Writing in today’s Times (£), former Labour advisor John McTernan argues that the British Supreme Court – set up in 2009 in a fit of self-consciousness about how unique our prior arrangements were – should be more like it’s American counterpart. Members, he argues, should be household names.
The spur for these pieces was the recent death of Antonin Scalia, the pre-eminent conservative member of the US Supreme Court, which has added a dramatic twist to the already-dramatic election.
Speculation is rife as to whether – and how – President Obama might try to reverse the previous 5-4 conservative majority on the Court, a victory much more long-term than any general election win.
Given that the Republicans control the Senate, he may instead simply try to nominate somebody the blocking of whom would do the opposition maximum harm in the upcoming election.
Such stories should remind us how lucky we are to have a Parliament, and not a document, as the supreme constitutional authority in this country.

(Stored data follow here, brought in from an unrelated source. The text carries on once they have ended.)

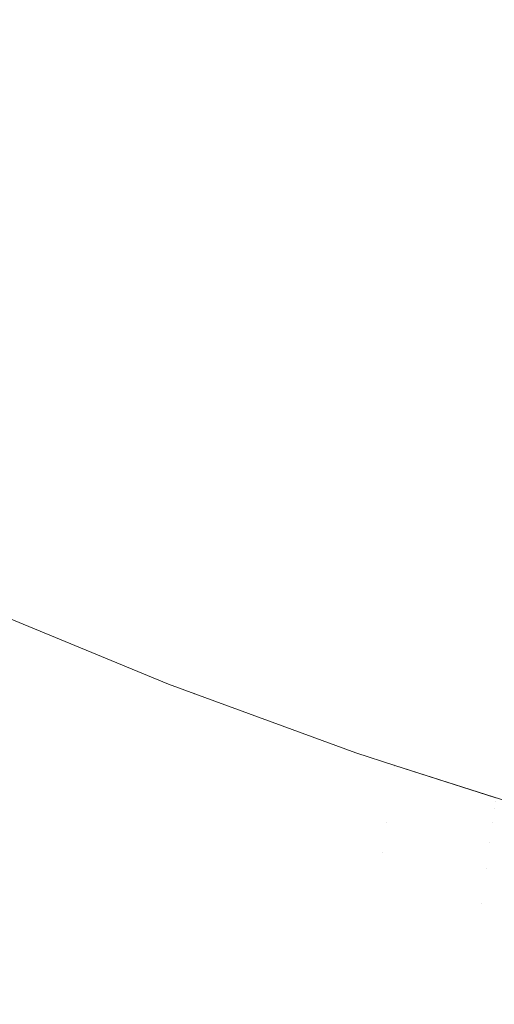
# Model space of a CAD drawing. Header units: centimetres. Extents: x -17.1 to 18.2, y 4.2 to 6.
# Tile 119 of 256: x -5.13518 to -5.12576, y 4.50021 to 4.51975. Entities that reach past the tile are written whole.
import ezdxf

# ---------------------------------------------------------------- set-up
doc = ezdxf.new("R2010")
doc.units = ezdxf.units.CM
doc.header["$LTSCALE"] = 2.54
doc.layers.add('Lucido design-1', color=7, linetype='Continuous')

# ---------------------------------------------------------------- blocks, each defined once
blk = doc.blocks.new('Gruppo-3-1')
at = {"color": 7, "linetype": 'Continuous', "lineweight": 9}
blk.add_3dface([(-17.020308, 5.900212, -2276.22217), (-17.020308, 4.300212, -2276.22217), (18.147234, 4.300212, -2276.22217), (18.147234, 5.900212, -2276.22217)], dxfattribs=at)
for points, invisible_edges in [([(-5.131101, 4.521556, -2276.669608), (-5.129279, 4.520835, -2276.669608), (-5.129493, 4.519563, -2276.671794), (-5.131328, 4.520289, -2276.671794)], 15), ([(-5.127236, 4.52149, -2276.667449), (-5.125407, 4.520856, -2276.667449), (-5.125603, 4.519516, -2276.669608), (-5.127446, 4.520155, -2276.669608)], 15), ([(-5.131545, 4.51908, -2276.674006), (-5.133381, 4.519852, -2276.674006), (-5.133152, 4.521056, -2276.671794), (-5.131328, 4.520289, -2276.671794)], 15), ([(-5.127647, 4.518878, -2276.671794), (-5.129493, 4.519563, -2276.671794), (-5.129279, 4.520835, -2276.669608), (-5.127446, 4.520155, -2276.669608)], 15), ([(-5.135205, 4.520666, -2276.674006), (-5.133381, 4.519852, -2276.674006), (-5.133599, 4.518707, -2276.676241), (-5.135434, 4.519525, -2276.676241)], 15), ([(-5.131328, 4.520289, -2276.671794), (-5.129493, 4.519563, -2276.671794), (-5.129697, 4.518349, -2276.674006), (-5.131545, 4.51908, -2276.674006)], 15), ([(-5.127446, 4.520155, -2276.669608), (-5.125603, 4.519516, -2276.669608), (-5.125791, 4.518234, -2276.671794), (-5.127647, 4.518878, -2276.671794)], 15), ([(-5.131751, 4.51793, -2276.676241), (-5.133599, 4.518707, -2276.676241), (-5.133381, 4.519852, -2276.674006), (-5.131545, 4.51908, -2276.674006)], 15), ([(-5.135434, 4.519525, -2276.676241), (-5.133599, 4.518707, -2276.676241), (-5.133805, 4.517621, -2276.678496), (-5.135652, 4.518444, -2276.678496)], 15), ([(-5.127839, 4.517659, -2276.674006), (-5.129697, 4.518349, -2276.674006), (-5.129493, 4.519563, -2276.671794), (-5.127647, 4.518878, -2276.671794)], 15), ([(-5.123926, 4.517633, -2276.671794), (-5.125791, 4.518234, -2276.671794), (-5.125603, 4.519516, -2276.669608), (-5.123751, 4.518919, -2276.669608)], 15), ([(-5.131545, 4.51908, -2276.674006), (-5.129697, 4.518349, -2276.674006), (-5.129891, 4.517194, -2276.676241), (-5.131751, 4.51793, -2276.676241)], 15), ([(-5.127647, 4.518878, -2276.671794), (-5.125791, 4.518234, -2276.671794), (-5.12597, 4.517012, -2276.674006), (-5.127839, 4.517659, -2276.674006)], 15), ([(-5.131946, 4.516839, -2276.678496), (-5.133805, 4.517621, -2276.678496), (-5.133599, 4.518707, -2276.676241), (-5.131751, 4.51793, -2276.676241)], 15), ([(-5.135652, 4.518444, -2276.678496), (-5.133805, 4.517621, -2276.678496), (-5.134, 4.516593, -2276.680769), (-5.135857, 4.517421, -2276.680769)], 15), ([(-5.128021, 4.5165, -2276.676241), (-5.129891, 4.517194, -2276.676241), (-5.129697, 4.518349, -2276.674006), (-5.127839, 4.517659, -2276.674006)], 15), ([(-5.124092, 4.516407, -2276.674006), (-5.12597, 4.517012, -2276.674006), (-5.125791, 4.518234, -2276.671794), (-5.123926, 4.517633, -2276.671794)], 15), ([(-5.131751, 4.51793, -2276.676241), (-5.129891, 4.517194, -2276.676241), (-5.130076, 4.516098, -2276.678496), (-5.131946, 4.516839, -2276.678496)], 15), ([(-5.132131, 4.515807, -2276.680769), (-5.134, 4.516593, -2276.680769), (-5.133805, 4.517621, -2276.678496), (-5.131946, 4.516839, -2276.678496)], 15), ([(-5.127839, 4.517659, -2276.674006), (-5.12597, 4.517012, -2276.674006), (-5.126141, 4.515848, -2276.676241), (-5.128021, 4.5165, -2276.676241)], 15), ([(-5.135857, 4.517421, -2276.680769), (-5.134, 4.516593, -2276.680769), (-5.134184, 4.515626, -2276.683058), (-5.136051, 4.516458, -2276.683058)], 15), ([(-5.128194, 4.5154, -2276.678496), (-5.130076, 4.516098, -2276.678496), (-5.129891, 4.517194, -2276.676241), (-5.128021, 4.5165, -2276.676241)], 15), ([(-5.131946, 4.516839, -2276.678496), (-5.130076, 4.516098, -2276.678496), (-5.13025, 4.515062, -2276.680769), (-5.132131, 4.515807, -2276.680769)], 15), ([(-5.124251, 4.515239, -2276.676241), (-5.126141, 4.515848, -2276.676241), (-5.12597, 4.517012, -2276.674006), (-5.124092, 4.516407, -2276.674006)], 15), ([(-5.136051, 4.516458, -2276.683058), (-5.134184, 4.515626, -2276.683058), (-5.134357, 4.514718, -2276.68536), (-5.136233, 4.515554, -2276.68536)], 15), ([(-5.132305, 4.514835, -2276.683058), (-5.134184, 4.515626, -2276.683058), (-5.134, 4.516593, -2276.680769), (-5.132131, 4.515807, -2276.680769)], 15), ([(-5.128021, 4.5165, -2276.676241), (-5.126141, 4.515848, -2276.676241), (-5.126303, 4.514744, -2276.678496), (-5.128194, 4.5154, -2276.678496)], 15), ([(-5.128358, 4.51436, -2276.680769), (-5.13025, 4.515062, -2276.680769), (-5.130076, 4.516098, -2276.678496), (-5.128194, 4.5154, -2276.678496)], 15), ([(-5.132131, 4.515807, -2276.680769), (-5.13025, 4.515062, -2276.680769), (-5.130414, 4.514087, -2276.683058), (-5.132305, 4.514835, -2276.683058)], 15), ([(-5.124402, 4.514132, -2276.678496), (-5.126303, 4.514744, -2276.678496), (-5.126141, 4.515848, -2276.676241), (-5.124251, 4.515239, -2276.676241)], 15), ([(-5.136233, 4.515554, -2276.68536), (-5.134357, 4.514718, -2276.68536), (-5.134518, 4.513869, -2276.687674), (-5.136402, 4.514709, -2276.687674)], 15), ([(-5.132468, 4.513923, -2276.68536), (-5.134357, 4.514718, -2276.68536), (-5.134184, 4.515626, -2276.683058), (-5.132305, 4.514835, -2276.683058)], 15), ([(-5.128194, 4.5154, -2276.678496), (-5.126303, 4.514744, -2276.678496), (-5.126456, 4.513701, -2276.680769), (-5.128358, 4.51436, -2276.680769)], 15), ([(-5.128512, 4.513381, -2276.683058), (-5.130414, 4.514087, -2276.683058), (-5.13025, 4.515062, -2276.680769), (-5.128358, 4.51436, -2276.680769)], 15), ([(-5.136402, 4.514709, -2276.687674), (-5.134518, 4.513869, -2276.687674), (-5.134668, 4.51308, -2276.689995), (-5.13656, 4.513924, -2276.689995)], 15), ([(-5.132621, 4.513071, -2276.687674), (-5.134518, 4.513869, -2276.687674), (-5.134357, 4.514718, -2276.68536), (-5.132468, 4.513923, -2276.68536)], 15), ([(-5.132305, 4.514835, -2276.683058), (-5.130414, 4.514087, -2276.683058), (-5.130568, 4.513171, -2276.68536), (-5.132468, 4.513923, -2276.68536)], 15), ([(-5.124544, 4.513085, -2276.680769), (-5.126456, 4.513701, -2276.680769), (-5.126303, 4.514744, -2276.678496), (-5.124402, 4.514132, -2276.678496)], 15), ([(-5.128358, 4.51436, -2276.680769), (-5.126456, 4.513701, -2276.680769), (-5.1266, 4.512718, -2276.683058), (-5.128512, 4.513381, -2276.683058)], 15), ([(-5.13656, 4.513924, -2276.689995), (-5.134668, 4.51308, -2276.689995), (-5.134806, 4.51235, -2276.692323), (-5.136706, 4.513197, -2276.692323)], 15), ([(-5.132468, 4.513923, -2276.68536), (-5.130568, 4.513171, -2276.68536), (-5.130712, 4.512315, -2276.687674), (-5.132621, 4.513071, -2276.687674)], 15), ([(-5.128657, 4.512462, -2276.68536), (-5.130568, 4.513171, -2276.68536), (-5.130414, 4.514087, -2276.683058), (-5.128512, 4.513381, -2276.683058)], 15), ([(-5.132763, 4.512279, -2276.689995), (-5.134668, 4.51308, -2276.689995), (-5.134518, 4.513869, -2276.687674), (-5.132621, 4.513071, -2276.687674)], 15), ([(-5.124678, 4.512099, -2276.683058), (-5.1266, 4.512718, -2276.683058), (-5.126456, 4.513701, -2276.680769), (-5.124544, 4.513085, -2276.680769)], 15), ([(-5.128512, 4.513381, -2276.683058), (-5.1266, 4.512718, -2276.683058), (-5.126735, 4.511796, -2276.68536), (-5.128657, 4.512462, -2276.68536)], 15), ([(-5.136706, 4.513197, -2276.692323), (-5.134806, 4.51235, -2276.692323), (-5.134934, 4.511679, -2276.694654), (-5.136841, 4.512529, -2276.694654)], 15), ([(-5.128792, 4.511603, -2276.687674), (-5.130712, 4.512315, -2276.687674), (-5.130568, 4.513171, -2276.68536), (-5.128657, 4.512462, -2276.68536)], 15), ([(-5.132894, 4.511546, -2276.692323), (-5.134806, 4.51235, -2276.692323), (-5.134668, 4.51308, -2276.689995), (-5.132763, 4.512279, -2276.689995)], 15), ([(-5.132621, 4.513071, -2276.687674), (-5.130712, 4.512315, -2276.687674), (-5.130846, 4.51152, -2276.689995), (-5.132763, 4.512279, -2276.689995)], 15), ([(-5.124804, 4.511174, -2276.68536), (-5.126735, 4.511796, -2276.68536), (-5.1266, 4.512718, -2276.683058), (-5.124678, 4.512099, -2276.683058)], 15), ([(-5.136841, 4.512529, -2276.694654), (-5.134934, 4.511679, -2276.694654), (-5.13505, 4.511067, -2276.696987), (-5.136963, 4.511919, -2276.696987)], 15), ([(-5.133015, 4.510872, -2276.694654), (-5.134934, 4.511679, -2276.694654), (-5.134806, 4.51235, -2276.692323), (-5.132894, 4.511546, -2276.692323)], 15), ([(-5.128657, 4.512462, -2276.68536), (-5.126735, 4.511796, -2276.68536), (-5.126862, 4.510934, -2276.687674), (-5.128792, 4.511603, -2276.687674)], 15), ([(-5.132763, 4.512279, -2276.689995), (-5.130846, 4.51152, -2276.689995), (-5.13097, 4.510784, -2276.692323), (-5.132894, 4.511546, -2276.692323)], 15), ([(-5.128918, 4.510804, -2276.689995), (-5.130846, 4.51152, -2276.689995), (-5.130712, 4.512315, -2276.687674), (-5.128792, 4.511603, -2276.687674)], 15), ([(-5.136963, 4.511919, -2276.696987), (-5.13505, 4.511067, -2276.696987), (-5.135156, 4.510512, -2276.699319), (-5.137074, 4.511367, -2276.699319)], 15), ([(-5.124921, 4.510309, -2276.687674), (-5.126862, 4.510934, -2276.687674), (-5.126735, 4.511796, -2276.68536), (-5.124804, 4.511174, -2276.68536)], 15), ([(-5.133125, 4.510256, -2276.696987), (-5.13505, 4.511067, -2276.696987), (-5.134934, 4.511679, -2276.694654), (-5.133015, 4.510872, -2276.694654)], 15), ([(-5.128792, 4.511603, -2276.687674), (-5.126862, 4.510934, -2276.687674), (-5.126979, 4.510132, -2276.689995), (-5.128918, 4.510804, -2276.689995)], 15), ([(-5.137074, 4.511367, -2276.699319), (-5.135156, 4.510512, -2276.699319), (-5.13525, 4.510014, -2276.701649), (-5.137174, 4.510872, -2276.701649)], 15), ([(-5.132894, 4.511546, -2276.692323), (-5.13097, 4.510784, -2276.692323), (-5.131083, 4.510107, -2276.694654), (-5.133015, 4.510872, -2276.694654)], 15), ([(-5.129034, 4.510065, -2276.692323), (-5.13097, 4.510784, -2276.692323), (-5.130846, 4.51152, -2276.689995), (-5.128918, 4.510804, -2276.689995)], 15), ([(-5.133225, 4.509699, -2276.699319), (-5.135156, 4.510512, -2276.699319), (-5.13505, 4.511067, -2276.696987), (-5.133125, 4.510256, -2276.696987)], 15), ([(-5.133015, 4.510872, -2276.694654), (-5.131083, 4.510107, -2276.694654), (-5.131187, 4.509489, -2276.696987), (-5.133125, 4.510256, -2276.696987)], 15), ([(-5.129141, 4.509386, -2276.694654), (-5.131083, 4.510107, -2276.694654), (-5.13097, 4.510784, -2276.692323), (-5.129034, 4.510065, -2276.692323)], 15), ([(-5.128918, 4.510804, -2276.689995), (-5.126979, 4.510132, -2276.689995), (-5.127088, 4.509391, -2276.692323), (-5.129034, 4.510065, -2276.692323)], 15), ([(-5.12503, 4.509505, -2276.689995), (-5.126979, 4.510132, -2276.689995), (-5.126862, 4.510934, -2276.687674), (-5.124921, 4.510309, -2276.687674)], 15), ([(-5.133314, 4.5092, -2276.701649), (-5.13525, 4.510014, -2276.701649), (-5.135156, 4.510512, -2276.699319), (-5.133225, 4.509699, -2276.699319)], 15), ([(-5.133125, 4.510256, -2276.696987), (-5.131187, 4.509489, -2276.696987), (-5.131281, 4.50893, -2276.699319), (-5.133225, 4.509699, -2276.699319)], 15), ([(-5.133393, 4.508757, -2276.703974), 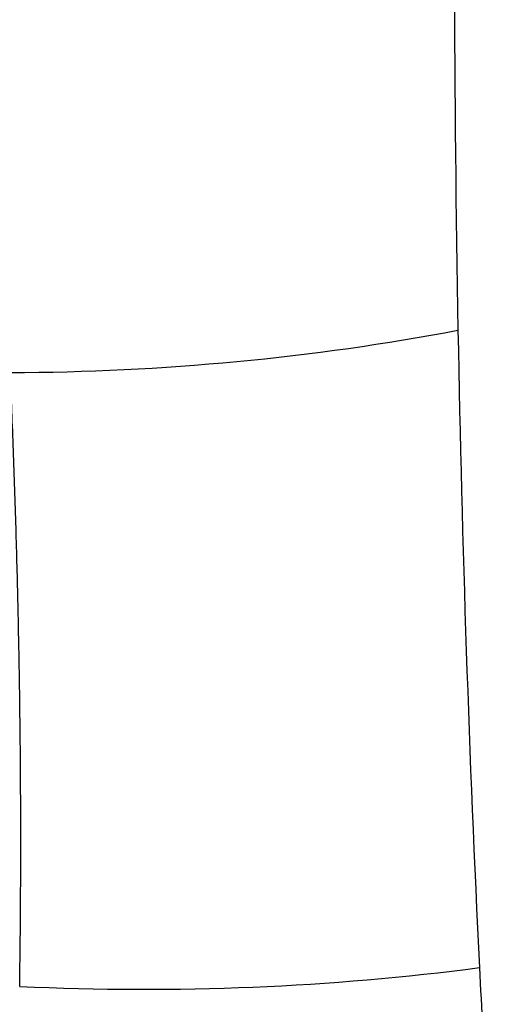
# Model space of a CAD drawing. Header units: millimetres. Extents: x -0.57 to 0.95, y -0.4 to 0.71.
# Tile 238 of 256: x 0.7226 to 0.7388, y 0.3149 to 0.3486. Entities that reach past the tile are written whole.
import ezdxf

# ---------------------------------------------------------------- set-up
doc = ezdxf.new("R2010")
doc.units = ezdxf.units.MM
doc.layers.add('FORMAT', color=7, linetype='Continuous')

msp = doc.modelspace()

# ---------------------------------------------------------------- linework, layer by layer
at = {"layer": 'FORMAT', "color": 7, "linetype": 'Continuous', "lineweight": 25}
for points in [[(0.737521, 0.36238), (0.737414, 0.354153), (0.737431, 0.346013), (0.737578, 0.337982)], [(0.722278, 0.336538), (0.72747, 0.336557), (0.732632, 0.337043), (0.737578, 0.337982)], [(0.737578, 0.337982), (0.737713, 0.330626), (0.737956, 0.323362), (0.738313, 0.316204)]]:
    msp.add_open_spline(points, degree=3, dxfattribs=at)
for points, knots in [([(0.722598, 0.315557), (0.722605, 0.316044), (0.722618, 0.31702), (0.72263, 0.31849), (0.722636, 0.31997), (0.722635, 0.321459), (0.722628, 0.322957), (0.722614, 0.324464), (0.722588, 0.326343), (0.722545, 0.328598), (0.722476, 0.331231), (0.722389, 0.333878), (0.722315, 0.33565), (0.722278, 0.336538)], [0, 0, 0, 0, 0.0705547, 0.1413984, 0.2125325, 0.2839584, 0.3556776, 0.4276915, 0.5000013, 0.6246301, 0.7495015, 0.8746226, 1, 1, 1, 1]), ([(0.722598, 0.315557), (0.722598, 0.315557), (0.722598, 0.315557), (0.722598, 0.315557), (0.727953, 0.315315), (0.733261, 0.315533), (0.738313, 0.316204)], [0, 0, 0, 0, 0.000011, 0.000011, 0.000011, 1.000011, 1.000011, 1.000011, 1.000011]), ([(0.738313, 0.316204), (0.738383, 0.314794), (0.738458, 0.313388), (0.738616, 0.310585), (0.7387, 0.309188), (0.738786, 0.307796)], [0, 0, 0, 0, 0.5, 0.5, 1, 1, 1, 1])]:
    msp.add_open_spline(points, degree=3, knots=knots, dxfattribs=at)

doc.saveas('drawing.dxf')

By any democratic standard, the American constitutional model is ridiculous. The programmes and mandates of elected politicians, whether in Congress or the White House, are entirely subject to the will of a nine-person committee appointed by previous administrations.
The genius of Parliamentary sovereignty and an uncodified constitution is that it keeps the elected, democratic aspects of the government supreme.
It does not need a small group of learned, privileged people to pore like haruspexes over a collection of broadly-worded statements of principle, forming a huge number of opinions on an ever-broadening range of issues which supersede our elected representatives.
It makes sure that the best way to effect change is at the ballot box, rather than passing power to lawsuits and those paid to conduct them.
In the US, on the other hand, landmark moments of government are decided in court and imposed on the country according to how the Court interprets the Constitution – and a judge’s interpretation is almost always predictable by the President who appointed them.
The openly partisan nature of the justices, and their status as high-profile public figures, is a product of that system. It is necessary if American citizens are to understand how they’re actually governed.
Inside that flawed arrangement, it is desirable. Indeed, it is the only way to do things – there is no such thing as a ‘neutral’ constitutional ruling.
Alas, since 1997 we have been moving in an American direction. We now have a Supreme Court of our own, and the Human Rights Act effected a huge transfer of power from the Commons to the courtroom as it sought, fatuously, to protect our rights from democracy.
If we end up adopting wholesale the American arrangement in this country – as McTernan alludes to when he writes that “a British bill of rights is on the horizon with a new role for the Supreme Court as the key defender of citizens against arbitrary excesses of government” – then political scrutiny of judges is a necessary element of it.
But it would be far better if we could move away from our attempts to mimic the American arrangement altogether.
Power has to be exercised by somebody: documents and institutions can no more govern a country than a pile of bricks and a box of tools could build a house.
It should be exercised by those we elect today, not by judges we didn’t choose interpreting those we elected in the distant past.